Top of RECORD SET

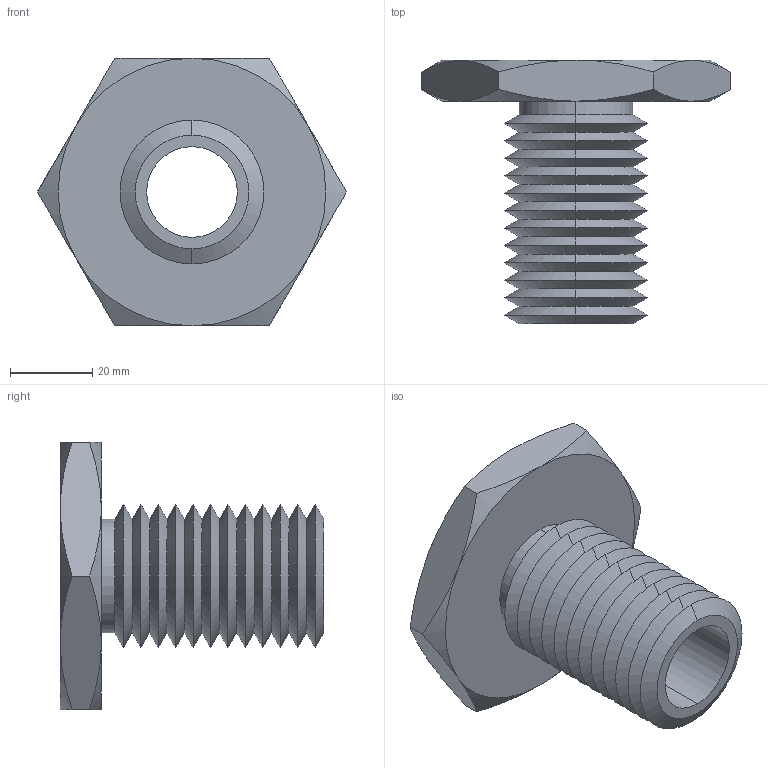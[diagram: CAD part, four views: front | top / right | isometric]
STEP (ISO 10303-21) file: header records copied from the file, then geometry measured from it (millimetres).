
FILE_DESCRIPTION (( 'STEP AP203' ), '1' );
FILE_NAME ('63302.W5138_M22x2,5.step', '2013-12-08T11:42:40', ( 'User' ), ( '' ), 'SwSTEP 2.0', 'SolidWorks 2009', '' );
FILE_SCHEMA (( 'CONFIG_CONTROL_DESIGN' ));
Length unit declared in the file: millimetre
Products named in the file (1): 63302.W5138_M22x2,5
Bounding box: 75.06 x 64 x 65 mm (x, y, z)
Volume: 52523.5 mm3; surface area: 23049.6 mm2
Topology: 1 solids, 1 shells, 75 faces, 154 edges, 82 vertices
Faces by surface type: cone 62, plane 9, cylinder 4
Entity records: 2139 total; most frequent: CARTESIAN_POINT 496, DIRECTION 352, ORIENTED_EDGE 308, EDGE_CURVE 154, AXIS2_PLACEMENT_3D 146, VERTEX_POINT 82, EDGE_LOOP 78, ADVANCED_FACE 75

Bottom of RECORD SET

**PROBLEM STATEMENT**
An exact copy of the entries, minus the pictures, is what to return.

**TASK RESPONSE**
[diagram: CAD part, four views: front | top / right | isometric]
STEP (ISO 10303-21) file: header records copied from the file, then geometry measured from it (millimetres).
FILE_DESCRIPTION (( 'STEP AP203' ), '1' );
FILE_NAME ('63302.W5138_M22x2,5.step', '2013-12-08T11:42:40', ( 'User' ), ( '' ), 'SwSTEP 2.0', 'SolidWorks 2009', '' );
FILE_SCHEMA (( 'CONFIG_CONTROL_DESIGN' ));
Length unit declared in the file: millimetre
Products named in the file (1): 63302.W5138_M22x2,5
Bounding box: 75.06 x 64 x 65 mm (x, y, z)
Volume: 52523.5 mm3; surface area: 23049.6 mm2
Topology: 1 solids, 1 shells, 75 faces, 154 edges, 82 vertices
Faces by surface type: cone 62, plane 9, cylinder 4
Entity records: 2139 total; most frequent: CARTESIAN_POINT 496, DIRECTION 352, ORIENTED_EDGE 308, EDGE_CURVE 154, AXIS2_PLACEMENT_3D 146, VERTEX_POINT 82, EDGE_LOOP 78, ADVANCED_FACE 75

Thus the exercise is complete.